We all have them in our past. The boyfriend or girlfriend who got away. It isn’t until later that you realize you dodged quite the bullet and ask yourself, “What in the world was I thinking?”
Poor Sofía Vergara, she must be thinking the same thing. Her former fiance, Nick Loeb, is suing the “Modern Family” megastar for control over two frozen embryos they created when they were together. He wants to take them to term; she wants to keep them frozen. Never mind that Vergara and Loeb signed an agreement when the embryos were fertilized; it states “no unilateral action can be taken with regard to the embryos unless both parties consent.” And that should be the end of this story, right?
I’ve been following “embryogate” for the past few weeks, but it wasn’t until Loeb penned an op-ed for the New York Times this week that the issue blew up. (He not only poorly argued his case in the piece, but also managed to subtly throw shade at Vergara and disclose private details about their relationship.) There are the philosophical and moral aspects of the story — on the question of when life begins, and the ethics and the fate of frozen embryos — and then the sensational and sentimental parts of it: Is it possible that Loeb is only acting as a scorned lover?
Loeb’s basic argument is that the two embryos should be treated as lives already created and that “keeping them frozen forever is tantamount to killing them.” His insistence on bringing to term these two particular embryos, with Vergara’s genetic material, amounts more to a fantasy he wants to fulfill at all costs. Loeb also says he would assume all parental responsibilities and custody of the babies, and that Vergara would simply be the egg donor. Well, wouldn’t every one like to have Sofía Vergara as their egg donor?
Loeb is right in stating that embryos are not simple “property’’ — this is not about a car or a house. But they’re also not “alive,’’ for the law does not recognize embryos as human life. Essentially, Loeb wants to force Vergara to become a parent, but she clearly does not want to have children with him. And he is ultimately suing to have their agreement voided because it didn’t specify what would happen if they separated.

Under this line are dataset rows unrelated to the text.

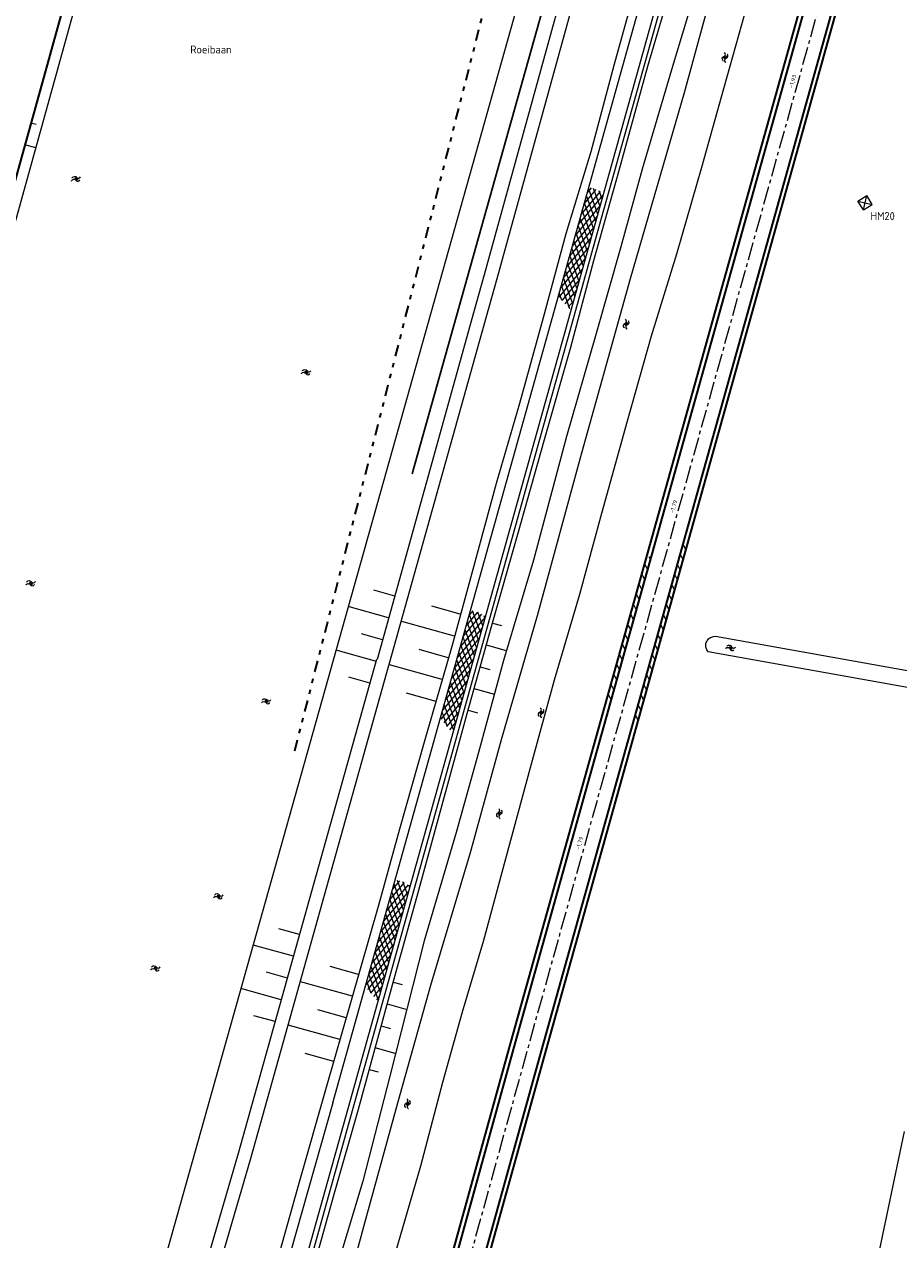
# Model space of a CAD drawing. Header units: metres. Extents: x 239845 to 242720, y 580286 to 584200.
# Tile 32 of 113: x 240737 to 240930, y 582588 to 582857. Entities that reach past the tile are written whole.
import ezdxf
from ezdxf.lldxf.tags import DXFTag

# ---------------------------------------------------------------- set-up
doc = ezdxf.new("R2010")
doc.units = ezdxf.units.M
doc.linetypes.add('AL-TEKENBLADGRENS', pattern=[11.5, 2.5, -1.5, 1, -1.5, 1, -1.5, 2.5])
doc.linetypes.add('AS-KLEIN', pattern=[6.4, 4, -0.8, 0.8, -0.8])
for name, color, linetype, lineweight in [('B-WA-GW-DIJK_KRUIN-G', 3, 'Continuous', 0), ('B-WE-VH-VERHARDING_OPEN-GV', 252, 'Continuous', 18), ('Grondwerklijn', 7, 'Continuous', 9), ('N-WE-GW-GRONDWERK_BODEM_MEER-G', 150, 'Continuous', 35), ('N-WE-VH-KANTVERHARDING-G', 60, 'Continuous', 35), ('N-WE-Vh-VERHARDING_ASFALTGRANULAAT-A', 7, 'Continuous', 18), ('N-WE-VH-VERHARDING_FUNDERING-G', 7, 'Continuous', 35), ('N-XX-AL-HOOGTELABEL-T25-M', 7, 'Continuous', 25), ('P- Aslijn', 1, 'AS-KLEIN', 9), ('X-XX-AL-T35-HM-T35', 2, 'Continuous', 25), ('X-XX-AL-T35-ORIENTATIE', 50, 'Continuous', 35), ('X-XX-AL-TEKENBLADGRENS-G2', 7, 'AL-TEKENBLADGRENS', 35)]:
    doc.layers.add(name, color=color, linetype=linetype, lineweight=lineweight)
for name, color, linetype, lineweight, true_color in [('B-WE-KL-ET-MS-G', 4, 'KL-ELEC-MS', 13, 0x00ffff), ('B-WE-OG-TOPOGRAFIE-S', 9, 'Continuous', 9, 0x808080), ('B-WE-OG-TOPOGRAFIE-S @ 0.2', 9, 'Continuous', 9, 0x808080), ('B-WE-OG-TOPOGRAFIE-S @ 0.5', 9, 'Continuous', 9, 0x808080), ('B-WE-VH-VERHARDING_ASFALT-A2', 9, 'Continuous', 9, 0x808080), ('GBKN', 9, 'Continuous', 0, 0x808080), ('Meerstad  taludlijn-arcering', 9, 'Continuous', 0, 0x808080)]:
    doc.layers.add(name, color=color, linetype=linetype, lineweight=lineweight, true_color=true_color)
doc.layers.add('HULPLAAG', color=30, linetype='Continuous', plot=False)
doc.styles.add('NLCS-ISO', font='NLCS-ISO.ttf')
doc.styles.add('NLCS-ISO-ANNOTATIVE-T25', font='NLCS-ISO.ttf', dxfattribs={"height": 2.5})
doc.styles.add('NLCS-ISO-M1000-T25', font='NLCS-ISO.ttf', dxfattribs={"height": 2.5})
doc.styles.add('NLCS-ISO-T25', font='NLCS-ISO.ttf', dxfattribs={"height": 2.5})
tags = doc.linetypes.add('KL-ELEC-MS', pattern='A,10,-7.5,[6,N381 K&L.SHX,S=2,R=0,X=0,Y=0],-7.5,20,-3.5,["M",NLCS-ISO-T25,S=2.5,R=0,X=0,Y=-2.575],-8.5,10', length=67).pattern_tags.tags
tags[18] = DXFTag(74, 10)
pattern_1 = [(230, (0, 0), (0.7660444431, -0.6427876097), []), (290, (0, 0), (0.9396926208, 0.3420201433), [])]
pattern_2 = [(118, (0, 0), (-1.4016793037, -0.745286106), [])]

# ---------------------------------------------------------------- blocks, each defined once
blk = doc.blocks.new('SOG-TOPOGRAFIE_WATER-SO')
at = {"flags": 128}
for points in [[(-1.91, 0.46), (-1.82, 0.6, -0.538831), (0.18, 0.63, 0.605168), (1.86, 0.83, -4.035705)], [(-2.28, -0.81), (-2.19, -0.67, -0.538831), (-0.18, -0.63, 0.605168), (1.49, -0.44, -4.035705)]]:
    blk.add_lwpolyline(points, format="xyb", dxfattribs=at)
blk = doc.blocks.new('*U85')
at = {"layer": 'B-WE-OG-TOPOGRAFIE-S @ 0.2', "xscale": 0.2, "yscale": 0.2, "zscale": 0.2, "rotation": 355.7142313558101}
blk.add_blockref('SOG-TOPOGRAFIE_WATER-SO', (240799.01, 582780.03), dxfattribs=at)
at = {"layer": 'B-WE-OG-TOPOGRAFIE-S @ 0.5', "xscale": 0.5, "yscale": 0.5, "zscale": 0.5, "rotation": 355.7142313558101}
blk.add_blockref('SOG-TOPOGRAFIE_WATER-SO', (240799.01, 582780.03), dxfattribs=at)
blk = doc.blocks.new('*U87')
at = {"layer": 'B-WE-OG-TOPOGRAFIE-S @ 0.2', "xscale": 0.2, "yscale": 0.2, "zscale": 0.2, "rotation": 355.7142313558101}
blk.add_blockref('SOG-TOPOGRAFIE_WATER-SO', (240765.7, 582648.26), dxfattribs=at)
at = {"layer": 'B-WE-OG-TOPOGRAFIE-S @ 0.5', "xscale": 0.5, "yscale": 0.5, "zscale": 0.5, "rotation": 355.7142313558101}
blk.add_blockref('SOG-TOPOGRAFIE_WATER-SO', (240765.7, 582648.26), dxfattribs=at)
blk = doc.blocks.new('*U103')
at = {"layer": 'B-WE-OG-TOPOGRAFIE-S @ 0.2', "xscale": 0.2, "yscale": 0.2, "zscale": 0.2, "rotation": 76.60135591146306}
blk.add_blockref('SOG-TOPOGRAFIE_WATER-SO', (240850.85, 582704.84), dxfattribs=at)
at = {"layer": 'B-WE-OG-TOPOGRAFIE-S @ 0.5', "xscale": 0.5, "yscale": 0.5, "zscale": 0.5, "rotation": 76.60135591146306}
blk.add_blockref('SOG-TOPOGRAFIE_WATER-SO', (240850.85, 582704.84), dxfattribs=at)
blk = doc.blocks.new('*U104')
at = {"layer": 'B-WE-OG-TOPOGRAFIE-S @ 0.2', "xscale": 0.2, "yscale": 0.2, "zscale": 0.2, "rotation": 76.60135591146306}
blk.add_blockref('SOG-TOPOGRAFIE_WATER-SO', (240869.65, 582790.74), dxfattribs=at)
at = {"layer": 'B-WE-OG-TOPOGRAFIE-S @ 0.5', "xscale": 0.5, "yscale": 0.5, "zscale": 0.5, "rotation": 76.60135591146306}
blk.add_blockref('SOG-TOPOGRAFIE_WATER-SO', (240869.65, 582790.74), dxfattribs=at)
blk = doc.blocks.new('*U132')
at = {"layer": 'B-WE-OG-TOPOGRAFIE-S @ 0.2', "xscale": 0.2, "yscale": 0.2, "zscale": 0.2, "rotation": 76.60135591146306}
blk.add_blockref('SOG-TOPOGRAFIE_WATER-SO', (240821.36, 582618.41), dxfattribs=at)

Loeb and Vergara did try to have children. The former couple unsuccessfully pursued pregnancy through surrogacy twice. He now says he’s just defending his right to be a parent. But his right to be a dad is not being violated here — it’s not like he can’t conceive more children. All the same, Vergara has every right to protect her decision not to bring these embryos to term. Some have suggested money is Loeb’s motive. Who’s to say that Loeb won’t sue Vergara, who was named the highest paid actress on TV, for child support down the road? But Loeb’s family is famously rich. So he is only coming across as a pitiful, resentful ex-boyfriend who either wants revenge, or who wants to live off her fame.
In truth, most of us have played that part of the scorned lover. One has to assume that Vergara and Loeb experienced what at the time was a lovely and deep relationship. But it’s over now, and he should move on. Go and have somebody else’s eggs fertilized. If this drama were truly about his desire to become a father, he would leave the Vergara-Loeb embryos frozen in the past, and see them only as the natural consequence of feelings that were once there. But not anymore.